WORK ITEM -
Reproduce word for word, from the entries below, the line with "from ezdxf.enums import", the line with "-1.2, 0.3, -1.2])", and every line between them, and nothing more.

DATA TO PROCESS -
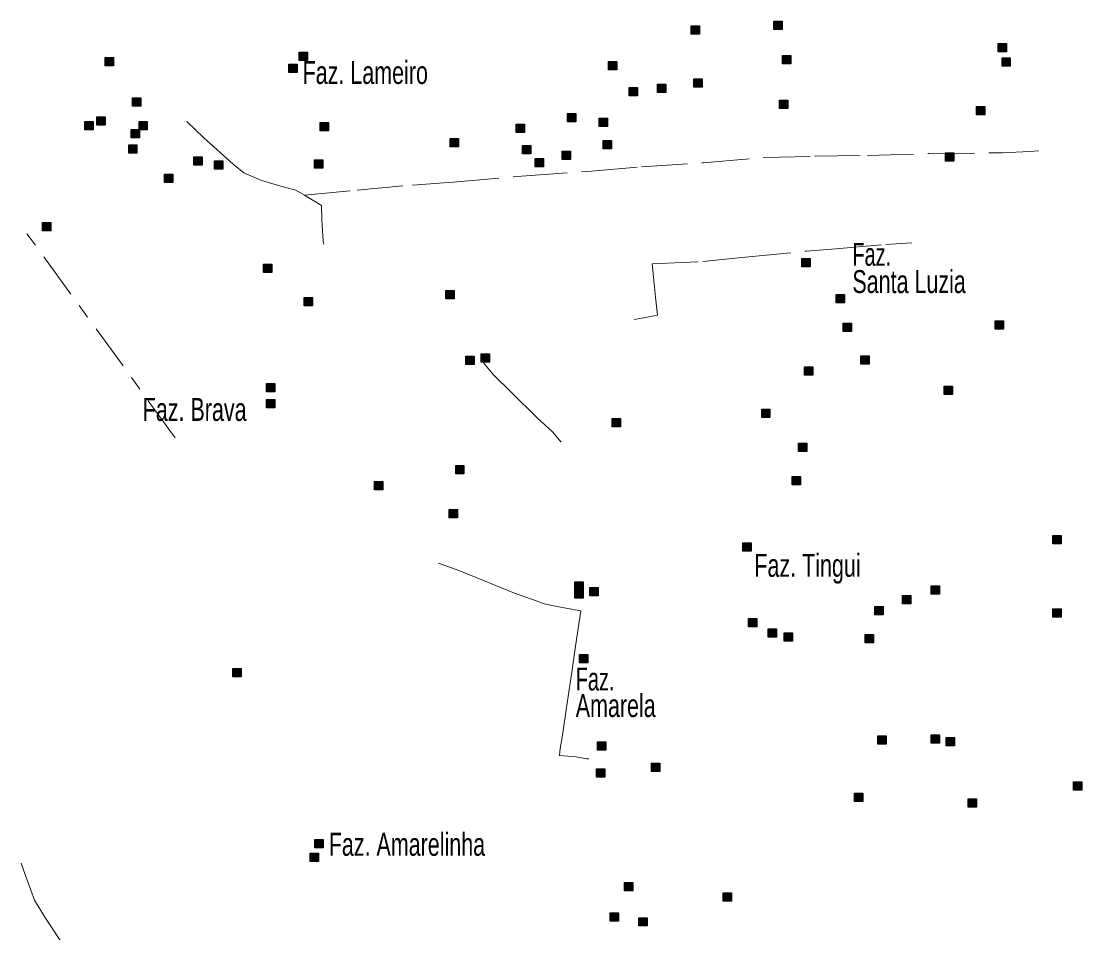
# Model space of a CAD drawing. Extents: x 445.6 to 500, y 8618.1 to 8673.4.
# Drawn here: x 492.59 to 499.98, y 8631.63 to 8637.98 of the extents above; entities that cross this region are included whole.
import ezdxf
from ezdxf.enums import TextEntityAlignment as Align

# ---------------------------------------------------------------- set-up
doc = ezdxf.new("R2010")
doc.units = 0
doc.header["$LTSCALE"] = 0.064
doc.linetypes.add('DOT_DASHED', pattern=[7.7, 5, -1.2, 0.3, -1.2])
doc.layers.add('2', color=7, linetype='Continuous', lineweight=25)
doc.layers.add('22', color=7, linetype='DOT_DASHED', lineweight=13)
doc.layers.add('61', color=7, linetype='Continuous')

msp = doc.modelspace()

# ---------------------------------------------------------------- hatches: boundary and pattern name
at = {"layer": '2'}
for points in [[(497.8344, 8637.9818), (497.8924, 8637.9818), (497.8924, 8637.9238), (497.8344, 8637.9238)], [(497.2581, 8637.9485), (497.3161, 8637.9485), (497.3161, 8637.8905), (497.2581, 8637.8905)], [(499.3972, 8637.8262), (499.4552, 8637.8262), (499.4552, 8637.7682), (499.3972, 8637.7682)], [(494.525, 8637.765), (494.583, 8637.765), (494.583, 8637.707), (494.525, 8637.707)], [(497.8954, 8637.7428), (497.9534, 8637.7428), (497.9534, 8637.6848), (497.8954, 8637.6848)], [(493.1709, 8637.7287), (493.2289, 8637.7287), (493.2289, 8637.6707), (493.1709, 8637.6707)], [(494.453, 8637.6817), (494.511, 8637.6817), (494.511, 8637.6237), (494.453, 8637.6237)], [(496.6804, 8637.7017), (496.7384, 8637.7017), (496.7384, 8637.6437), (496.6804, 8637.6437)], [(499.4249, 8637.7261), (499.4829, 8637.7261), (499.4829, 8637.6681), (499.4249, 8637.6681)], [(496.8241, 8637.5205), (496.8821, 8637.5205), (496.8821, 8637.4625), (496.8241, 8637.4625)], [(497.0236, 8637.5427), (497.0816, 8637.5427), (497.0816, 8637.4847), (497.0236, 8637.4847)], [(497.2772, 8637.5806), (497.3352, 8637.5806), (497.3352, 8637.5226), (497.2772, 8637.5226)], [(493.3631, 8637.4484), (493.4211, 8637.4484), (493.4211, 8637.3904), (493.3631, 8637.3904)], [(497.8732, 8637.4316), (497.9312, 8637.4316), (497.9312, 8637.3736), (497.8732, 8637.3736)], [(499.2475, 8637.3871), (499.3055, 8637.3871), (499.3055, 8637.3291), (499.2475, 8637.3291)], [(493.1137, 8637.315), (493.1717, 8637.315), (493.1717, 8637.257), (493.1137, 8637.257)], [(496.3954, 8637.3384), (496.4534, 8637.3384), (496.4534, 8637.2804), (496.3954, 8637.2804)], [(496.6167, 8637.3048), (496.6747, 8637.3048), (496.6747, 8637.2468), (496.6167, 8637.2468)], [(493.0306, 8637.2817), (493.0886, 8637.2817), (493.0886, 8637.2237), (493.0306, 8637.2237)], [(493.352, 8637.2261), (493.41, 8637.2261), (493.41, 8637.1681), (493.352, 8637.1681)], [(493.4074, 8637.2817), (493.4654, 8637.2817), (493.4654, 8637.2237), (493.4074, 8637.2237)], [(494.6709, 8637.2761), (494.7289, 8637.2761), (494.7289, 8637.2181), (494.6709, 8637.2181)], [(496.0372, 8637.2648), (496.0952, 8637.2648), (496.0952, 8637.2068), (496.0372, 8637.2068)], [(495.5772, 8637.1648), (495.6352, 8637.1648), (495.6352, 8637.1068), (495.5772, 8637.1068)], [(496.6435, 8637.1501), (496.7015, 8637.1501), (496.7015, 8637.0921), (496.6435, 8637.0921)], [(493.3353, 8637.1205), (493.3933, 8637.1205), (493.3933, 8637.0625), (493.3353, 8637.0625)], [(496.0815, 8637.1147), (496.1395, 8637.1147), (496.1395, 8637.0567), (496.0815, 8637.0567)], [(493.7898, 8637.0371), (493.8478, 8637.0371), (493.8478, 8636.9791), (493.7898, 8636.9791)], [(493.9338, 8637.0093), (493.9918, 8637.0093), (493.9918, 8636.9513), (493.9338, 8636.9513)], [(494.6321, 8637.0149), (494.6901, 8637.0149), (494.6901, 8636.9569), (494.6321, 8636.9569)], [(496.1702, 8637.0258), (496.2282, 8637.0258), (496.2282, 8636.9678), (496.1702, 8636.9678)], [(496.3586, 8637.0758), (496.4166, 8637.0758), (496.4166, 8637.0178), (496.3586, 8637.0178)], [(499.0314, 8637.0647), (499.0894, 8637.0647), (499.0894, 8637.0067), (499.0314, 8637.0067)], [(493.5847, 8636.9149), (493.6427, 8636.9149), (493.6427, 8636.8569), (493.5847, 8636.8569)], [(492.735, 8636.5785), (492.793, 8636.5785), (492.793, 8636.5205), (492.735, 8636.5205)], [(494.2765, 8636.2888), (494.3345, 8636.2888), (494.3345, 8636.2308), (494.2765, 8636.2308)], [(498.03, 8636.3275), (498.088, 8636.3275), (498.088, 8636.2695), (498.03, 8636.2695)], [(494.5591, 8636.0553), (494.6171, 8636.0553), (494.6171, 8635.9973), (494.5591, 8635.9973)], [(495.5474, 8636.1052), (495.6054, 8636.1052), (495.6054, 8636.0472), (495.5474, 8636.0472)], [(498.2683, 8636.0774), (498.3263, 8636.0774), (498.3263, 8636.0194), (498.2683, 8636.0194)], [(499.3767, 8635.8939), (499.4347, 8635.8939), (499.4347, 8635.8359), (499.3767, 8635.8359)], [(498.3182, 8635.8773), (498.3762, 8635.8773), (498.3762, 8635.8193), (498.3182, 8635.8193)], [(495.6874, 8635.6458), (495.7454, 8635.6458), (495.7454, 8635.5878), (495.6874, 8635.5878)], [(495.7927, 8635.6625), (495.8507, 8635.6625), (495.8507, 8635.6045), (495.7927, 8635.6045)], [(498.4401, 8635.6494), (498.4981, 8635.6494), (498.4981, 8635.5914), (498.4401, 8635.5914)], [(498.0467, 8635.5716), (498.1047, 8635.5716), (498.1047, 8635.5136), (498.0467, 8635.5136)], [(494.2965, 8635.4568), (494.3545, 8635.4568), (494.3545, 8635.3988), (494.2965, 8635.3988)], [(499.022, 8635.4382), (499.08, 8635.4382), (499.08, 8635.3802), (499.022, 8635.3802)], [(494.2965, 8635.3457), (494.3545, 8635.3457), (494.3545, 8635.2877), (494.2965, 8635.2877)], [(497.7491, 8635.2767), (497.8071, 8635.2767), (497.8071, 8635.2187), (497.7491, 8635.2187)], [(496.7071, 8635.2123), (496.7651, 8635.2123), (496.7651, 8635.1543), (496.7071, 8635.1543)], [(498.0058, 8635.0404), (498.0638, 8635.0404), (498.0638, 8634.9824), (498.0058, 8634.9824)], [(495.6154, 8634.8843), (495.6734, 8634.8843), (495.6734, 8634.8263), (495.6154, 8634.8263)], [(497.9614, 8634.807), (498.0194, 8634.807), (498.0194, 8634.749), (497.9614, 8634.749)], [(495.0501, 8634.7732), (495.1081, 8634.7732), (495.1081, 8634.7152), (495.0501, 8634.7152)], [(495.571, 8634.5786), (495.629, 8634.5786), (495.629, 8634.5206), (495.571, 8634.5206)], [(497.6179, 8634.3456), (497.6759, 8634.3456), (497.6759, 8634.2876), (497.6179, 8634.2876)], [(499.7791, 8634.3957), (499.8371, 8634.3957), (499.8371, 8634.3377), (499.7791, 8634.3377)], [(496.4466, 8634.0728), (496.5046, 8634.0728), (496.5046, 8634.0148), (496.4466, 8634.0148)], [(498.9312, 8634.0455), (498.9892, 8634.0455), (498.9892, 8633.9875), (498.9312, 8633.9875)], [(496.4466, 8634.0173), (496.5046, 8634.0173), (496.5046, 8633.9593), (496.4466, 8633.9593)], [(496.5519, 8634.0339), (496.6099, 8634.0339), (496.6099, 8633.9759), (496.5519, 8633.9759)], [(498.7317, 8633.9788), (498.7897, 8633.9788), (498.7897, 8633.9208), (498.7317, 8633.9208)], [(498.5378, 8633.901), (498.5958, 8633.901), (498.5958, 8633.843), (498.5378, 8633.843)], [(499.7791, 8633.8843), (499.8371, 8633.8843), (499.8371, 8633.8263), (499.7791, 8633.8263)], [(497.6567, 8633.8176), (497.7147, 8633.8176), (497.7147, 8633.7596), (497.6567, 8633.7596)], [(497.7952, 8633.7454), (497.8532, 8633.7454), (497.8532, 8633.6874), (497.7952, 8633.6874)], [(497.906, 8633.7176), (497.964, 8633.7176), (497.964, 8633.6596), (497.906, 8633.6596)], [(498.4713, 8633.7064), (498.5293, 8633.7064), (498.5293, 8633.6484), (498.4713, 8633.6484)], [(496.4799, 8633.567), (496.5379, 8633.567), (496.5379, 8633.509), (496.4799, 8633.509)], [(494.0609, 8633.4703), (494.1189, 8633.4703), (494.1189, 8633.4123), (494.0609, 8633.4123)], [(496.6035, 8632.9585), (496.6615, 8632.9585), (496.6615, 8632.9005), (496.6035, 8632.9005)], [(498.5599, 8633.0006), (498.6179, 8633.0006), (498.6179, 8632.9426), (498.5599, 8632.9426)], [(498.9312, 8633.0061), (498.9892, 8633.0061), (498.9892, 8632.9481), (498.9312, 8632.9481)], [(499.0365, 8632.9894), (499.0945, 8632.9894), (499.0945, 8632.9314), (499.0365, 8632.9314)], [(496.9803, 8632.8084), (497.0383, 8632.8084), (497.0383, 8632.7504), (496.9803, 8632.7504)], [(496.5979, 8632.7695), (496.6559, 8632.7695), (496.6559, 8632.7115), (496.5979, 8632.7115)], [(499.9232, 8632.6782), (499.9812, 8632.6782), (499.9812, 8632.6202), (499.9232, 8632.6202)], [(498.3961, 8632.5992), (498.4541, 8632.5992), (498.4541, 8632.5412), (498.3961, 8632.5412)], [(499.1885, 8632.5603), (499.2465, 8632.5603), (499.2465, 8632.5023), (499.1885, 8632.5023)], [(494.6334, 8632.2771), (494.6914, 8632.2771), (494.6914, 8632.2191), (494.6334, 8632.2191)], [(494.6001, 8632.1826), (494.6581, 8632.1826), (494.6581, 8632.1246), (494.6001, 8632.1246)], [(496.7922, 8631.9769), (496.8502, 8631.9769), (496.8502, 8631.9189), (496.7922, 8631.9189)], [(497.4817, 8631.9044), (497.5397, 8631.9044), (497.5397, 8631.8464), (497.4817, 8631.8464)], [(496.6924, 8631.7657), (496.7504, 8631.7657), (496.7504, 8631.7077), (496.6924, 8631.7077)], [(496.8919, 8631.7323), (496.9499, 8631.7323), (496.9499, 8631.6743), (496.8919, 8631.6743)]]:
    msp.add_hatch(color=256, dxfattribs=at).paths.add_polyline_path(points)

# ---------------------------------------------------------------- linework, layer by layer
for points in [[(497.8344, 8637.9818), (497.8924, 8637.9818), (497.8924, 8637.9238), (497.8344, 8637.9238)], [(497.2581, 8637.9485), (497.3161, 8637.9485), (497.3161, 8637.8905), (497.2581, 8637.8905)], [(499.3972, 8637.8262), (499.4552, 8637.8262), (499.4552, 8637.7682), (499.3972, 8637.7682)], [(494.525, 8637.765), (494.583, 8637.765), (494.583, 8637.707), (494.525, 8637.707)], [(497.8954, 8637.7428), (497.9534, 8637.7428), (497.9534, 8637.6848), (497.8954, 8637.6848)], [(493.1709, 8637.7287), (493.2289, 8637.7287), (493.2289, 8637.6707), (493.1709, 8637.6707)], [(494.453, 8637.6817), (494.511, 8637.6817), (494.511, 8637.6237), (494.453, 8637.6237)], [(496.6804, 8637.7017), (496.7384, 8637.7017), (496.7384, 8637.6437), (496.6804, 8637.6437)], [(499.4249, 8637.7261), (499.4829, 8637.7261), (499.4829, 8637.6681), (499.4249, 8637.6681)], [(496.8241, 8637.5205), (496.8821, 8637.5205), (496.8821, 8637.4625), (496.8241, 8637.4625)], [(497.0236, 8637.5427), (497.0816, 8637.5427), (497.0816, 8637.4847), (497.0236, 8637.4847)], [(497.2772, 8637.5806), (497.3352, 8637.5806), (497.3352, 8637.5226), (497.2772, 8637.5226)], [(493.3631, 8637.4484), (493.4211, 8637.4484), (493.4211, 8637.3904), (493.3631, 8637.3904)], [(497.8732, 8637.4316), (497.9312, 8637.4316), (497.9312, 8637.3736), (497.8732, 8637.3736)], [(499.2475, 8637.3871), (499.3055, 8637.3871), (499.3055, 8637.3291), (499.2475, 8637.3291)], [(493.1137, 8637.315), (493.1717, 8637.315), (493.1717, 8637.257), (493.1137, 8637.257)], [(496.3954, 8637.3384), (496.4534, 8637.3384), (496.4534, 8637.2804), (496.3954, 8637.2804)], [(496.6167, 8637.3048), (496.6747, 8637.3048), (496.6747, 8637.2468), (496.6167, 8637.2468)], [(493.0306, 8637.2817), (493.0886, 8637.2817), (493.0886, 8637.2237), (493.0306, 8637.2237)], [(493.352, 8637.2261), (493.41, 8637.2261), (493.41, 8637.1681), (493.352, 8637.1681)], [(493.4074, 8637.2817), (493.4654, 8637.2817), (493.4654, 8637.2237), (493.4074, 8637.2237)], [(494.6709, 8637.2761), (494.7289, 8637.2761), (494.7289, 8637.2181), (494.6709, 8637.2181)], [(496.0372, 8637.2648), (496.0952, 8637.2648), (496.0952, 8637.2068), (496.0372, 8637.2068)], [(495.5772, 8637.1648), (495.6352, 8637.1648), (495.6352, 8637.1068), (495.5772, 8637.1068)], [(496.6435, 8637.1501), (496.7015, 8637.1501), (496.7015, 8637.0921), (496.6435, 8637.0921)], [(493.3353, 8637.1205), (493.3933, 8637.1205), (493.3933, 8637.0625), (493.3353, 8637.0625)], [(496.0815, 8637.1147), (496.1395, 8637.1147), (496.1395, 8637.0567), (496.0815, 8637.0567)], [(493.7898, 8637.0371), (493.8478, 8637.0371), (493.8478, 8636.9791), (493.7898, 8636.9791)], [(493.9338, 8637.0093), (493.9918, 8637.0093), (493.9918, 8636.9513), (493.9338, 8636.9513)], [(494.6321, 8637.0149), (494.6901, 8637.0149), (494.6901, 8636.9569), (494.6321, 8636.9569)], [(496.1702, 8637.0258), (496.2282, 8637.0258), (496.2282, 8636.9678), (496.1702, 8636.9678)], [(496.3586, 8637.0758), (496.4166, 8637.0758), (496.4166, 8637.0178), (496.3586, 8637.0178)], [(499.0314, 8637.0647), (499.0894, 8637.0647), (499.0894, 8637.0067), (499.0314, 8637.0067)], [(493.5847, 8636.9149), (493.6427, 8636.9149), (493.6427, 8636.8569), (493.5847, 8636.8569)], [(492.735, 8636.5785), (492.793, 8636.5785), (492.793, 8636.5205), (492.735, 8636.5205)], [(494.2765, 8636.2888), (494.3345, 8636.2888), (494.3345, 8636.2308), (494.2765, 8636.2308)], [(498.03, 8636.3275), (498.088, 8636.3275), (498.088, 8636.2695), (498.03, 8636.2695)], [(494.5591, 8636.0553), (494.6171, 8636.0553), (494.6171, 8635.9973), (494.5591, 8635.9973)], [(495.5474, 8636.1052), (495.6054, 8636.1052), (495.6054, 8636.0472), (495.5474, 8636.0472)], [(498.2683, 8636.0774), (498.3263, 8636.0774), (498.3263, 8636.0194), (498.2683, 8636.0194)], [(499.3767, 8635.8939), (499.4347, 8635.8939), (499.4347, 8635.8359), (499.3767, 8635.8359)], [(498.3182, 8635.8773), (498.3762, 8635.8773), (498.3762, 8635.8193), (498.3182, 8635.8193)], [(495.6874, 8635.6458), (495.7454, 8635.6458), (495.7454, 8635.5878), (495.6874, 8635.5878)], [(495.7927, 8635.6625), (495.8507, 8635.6625), (495.8507, 8635.6045), (495.7927, 8635.6045)], [(498.4401, 8635.6494), (498.4981, 8635.6494), (498.4981, 8635.5914), (498.4401, 8635.5914)], [(498.0467, 8635.5716), (498.1047, 8635.5716), (498.1047, 8635.5136), (498.0467, 8635.5136)], [(494.2965, 8635.4568), (494.3545, 8635.4568), (494.3545, 8635.3988), (494.2965, 8635.3988)], [(499.022, 8635.4382), (499.08, 8635.4382), (499.08, 8635.3802), (499.022, 8635.3802)], [(494.2965, 8635.3457), (494.3545, 8635.3457), (494.3545, 8635.2877), (494.2965, 8635.2877)], [(497.7491, 8635.2767), (497.8071, 8635.2767), (497.8071, 8635.2187), (497.7491, 8635.2187)], [(496.7071, 8635.2123), (496.7651, 8635.2123), (496.7651, 8635.1543), (496.7071, 8635.1543)], [(498.0058, 8635.0404), (498.0638, 8635.0404), (498.0638, 8634.9824), (498.0058, 8634.9824)], [(495.6154, 8634.8843), (495.6734, 8634.8843), (495.6734, 8634.8263), (495.6154, 8634.8263)], [(497.9614, 8634.807), (498.0194, 8634.807), (498.0194, 8634.749), (497.9614, 8634.749)], [(495.0501, 8634.7732), (495.1081, 8634.7732), (495.1081, 8634.7152), (495.0501, 8634.7152)], [(495.571, 8634.5786), (495.629, 8634.5786), (495.629, 8634.5206), (495.571, 8634.5206)], [(497.6179, 8634.3456), (497.6759, 8634.3456), (497.6759, 8634.2876), (497.6179, 8634.2876)], [(499.7791, 8634.3957), (499.8371, 8634.3957), (499.8371, 8634.3377), (499.7791, 8634.3377)], [(496.4466, 8634.0728), (496.5046, 8634.0728), (496.5046, 8634.0148), (496.4466, 8634.0148)], [(498.9312, 8634.0455), (498.9892, 8634.0455), (498.9892, 8633.9875), (498.9312, 8633.9875)], [(496.4466, 8634.0173), (496.5046, 8634.0173), (496.5046, 8633.9593), (496.4466, 8633.9593)], [(496.5519, 8634.0339), (496.6099, 8634.0339), (496.6099, 8633.9759), (496.5519, 8633.9759)], [(498.7317, 8633.9788), (498.7897, 8633.9788), (498.7897, 8633.9208), (498.7317, 8633.9208)], [(498.5378, 8633.901), (498.5958, 8633.901), (498.5958, 8633.843), (498.5378, 8633.843)], [(499.7791, 8633.8843), (499.8371, 8633.8843), (499.8371, 8633.8263), (499.7791, 8633.8263)], [(497.6567, 8633.8176), (497.7147, 8633.8176), (497.7147, 8633.7596), (497.6567, 8633.7596)], [(497.7952, 8633.7454), (497.8532, 8633.7454), (497.8532, 8633.6874), (497.7952, 8633.6874)], [(497.906, 8633.7176), (497.964, 8633.7176), (497.964, 8633.6596), (497.906, 8633.6596)], [(498.4713, 8633.7064), (498.5293, 8633.7064), (498.5293, 8633.6484), (498.4713, 8633.6484)], [(496.4799, 8633.567), (496.5379, 8633.567), (496.5379, 8633.509), (496.4799, 8633.509)], [(494.0609, 8633.4703), (494.1189, 8633.4703), (494.1189, 8633.4123), (494.0609, 8633.4123)], [(496.6035, 8632.9585), (496.6615, 8632.9585), (496.6615, 8632.9005), (496.6035, 8632.9005)], [(498.5599, 8633.0006), (498.6179, 8633.0006), (498.6179, 8632.9426), (498.5599, 8632.9426)], [(498.9312, 8633.0061), (498.9892, 8633.0061), (498.9892, 8632.9481), (498.9312, 8632.9481)], [(499.0365, 8632.9894), (499.0945, 8632.9894), (499.0945, 8632.9314), (499.0365, 8632.9314)], [(496.9803, 8632.8084), (497.0383, 8632.8084), (497.0383, 8632.7504), (496.9803, 8632.7504)], [(496.5979, 8632.7695), (496.6559, 8632.7695), (496.6559, 8632.7115), (496.5979, 8632.7115)], [(499.9232, 8632.6782), (499.9812, 8632.6782), (499.9812, 8632.6202), (499.9232, 8632.6202)], [(498.3961, 8632.5992), (498.4541, 8632.5992), (498.4541, 8632.5412), (498.3961, 8632.5412)], [(499.1885, 8632.5603), (499.2465, 8632.5603), (499.2465, 8632.5023), (499.1885, 8632.5023)], [(494.6334, 8632.2771), (494.6914, 8632.2771), (494.6914, 8632.2191), (494.6334, 8632.2191)], [(494.6001, 8632.1826), (494.6581, 8632.1826), (494.6581, 8632.1246), (494.6001, 8632.1246)], [(496.7922, 8631.9769), (496.8502, 8631.9769), (496.8502, 8631.9189), (496.7922, 8631.9189)], [(497.4817, 8631.9044), (497.5397, 8631.9044), (497.5397, 8631.8464), (497.4817, 8631.8464)], [(496.6924, 8631.7657), (496.7504, 8631.7657), (496.7504, 8631.7077), (496.6924, 8631.7077)], [(496.8919, 8631.7323), (496.9499, 8631.7323), (496.9499, 8631.6743), (496.8919, 8631.6743)]]:
    msp.add_lwpolyline(points, close=True, dxfattribs=at)
at = {"layer": '22'}
msp.add_line((493.6603, 8635.0766), (492.6134, 8636.518), dxfattribs=at)
for points in [[(493.742, 8637.2826), (493.8599, 8637.168), (494.0633, 8636.9861), (494.1393, 8636.9254), (494.2607, 8636.8708), (494.4278, 8636.8223), (494.5007, 8636.8041), (494.5611, 8636.7683)], [(494.5611, 8636.7683), (494.9295, 8636.8033), (495.3152, 8636.8397), (495.5976, 8636.8609), (496.074, 8636.9008), (496.563, 8636.9372), (496.9122, 8636.9675), (497.3435, 8636.9948), (497.7671, 8637.0315), (498.1163, 8637.0406), (498.4868, 8637.0467), (498.914, 8637.0589), (499.4273, 8637.065), (499.6156, 8637.0741), (499.6824, 8637.0771)], [(494.5611, 8636.7683), (494.6798, 8636.698), (494.6829, 8636.5979), (494.6926, 8636.4485), (494.6956, 8636.4273)], [(496.8595, 8635.9027), (496.9146, 8635.9119), (497.0216, 8635.9333), (497.0094, 8636.0584), (496.9849, 8636.2904), (497.3395, 8636.3056), (497.6329, 8636.3361), (498.0608, 8636.3789), (498.2656, 8636.3941), (498.6154, 8636.4254), (498.7957, 8636.4376)], [(495.8103, 8635.5997), (495.8786, 8635.5157), (496.0041, 8635.3929), (496.1838, 8635.2159), (496.2896, 8635.1201), (496.3512, 8635.0464)], [(495.4948, 8634.2045), (495.6454, 8634.1503), (495.8095, 8634.0837), (496.0248, 8633.9942), (496.176, 8633.9404), (496.2324, 8633.9199), (496.3452, 8633.8969), (496.4887, 8633.8713), (496.4502, 8633.6256), (496.4272, 8633.4592), (496.3869, 8633.1812), (496.3612, 8633.0046), (496.3433, 8632.9125), (496.3386, 8632.8628), (496.4565, 8632.8526), (496.5308, 8632.8398), (496.5446, 8632.8398)], [(492.586, 8632.1131), (492.6277, 8631.9946), (492.679, 8631.8537), (492.756, 8631.7288), (492.8779, 8631.5431), (492.942, 8631.4182), (492.9933, 8631.3093), (493.0254, 8631.2581), (493.1062, 8631.0701), (493.2248, 8630.8364), (493.3211, 8630.6314), (493.3916, 8630.5033), (493.53, 8630.2191), (493.6102, 8630.0526), (493.8026, 8629.6843), (493.9734, 8629.3235), (494.0247, 8629.2274), (494.0492, 8629.1839)]]:
    msp.add_lwpolyline(points, dxfattribs=at)

# ---------------------------------------------------------------- texts
at = {"layer": '61'}
for s, width, p in [('Faz. Lameiro', 0.7, (494.548, 8637.5444)), ('Faz.', 0.65, (498.3816, 8636.2766)), ('Santa Luzia', 0.7, (498.3816, 8636.0866)), ('Faz.', 0.65, (496.4526, 8633.316)), ('Amarela', 0.7, (496.4526, 8633.131)), ('Faz. Amarelinha', 0.7, (494.7304, 8632.1638))]:
    msp.add_text(s, height=0.16, dxfattribs=dict(at, width=width)).set_placement(p)
at = {"layer": '61', "width": 0.7}
msp.add_text('Faz. Brava', height=0.16, dxfattribs=at).set_placement((494.1574, 8635.1955), align=Align.RIGHT)
msp.add_text('Faz. Tingui', height=0.16, dxfattribs=at).set_placement((498.0686, 8634.1085), align=Align.CENTER)

doc.saveas('drawing.dxf')

EXERCISE RESULT -
from ezdxf.enums import TextEntityAlignment as Align

# ---------------------------------------------------------------- set-up
doc = ezdxf.new("R2010")
doc.units = 0
doc.header["$LTSCALE"] = 0.064
doc.linetypes.add('DOT_DASHED', pattern=[7.7, 5, -1.2, 0.3, -1.2])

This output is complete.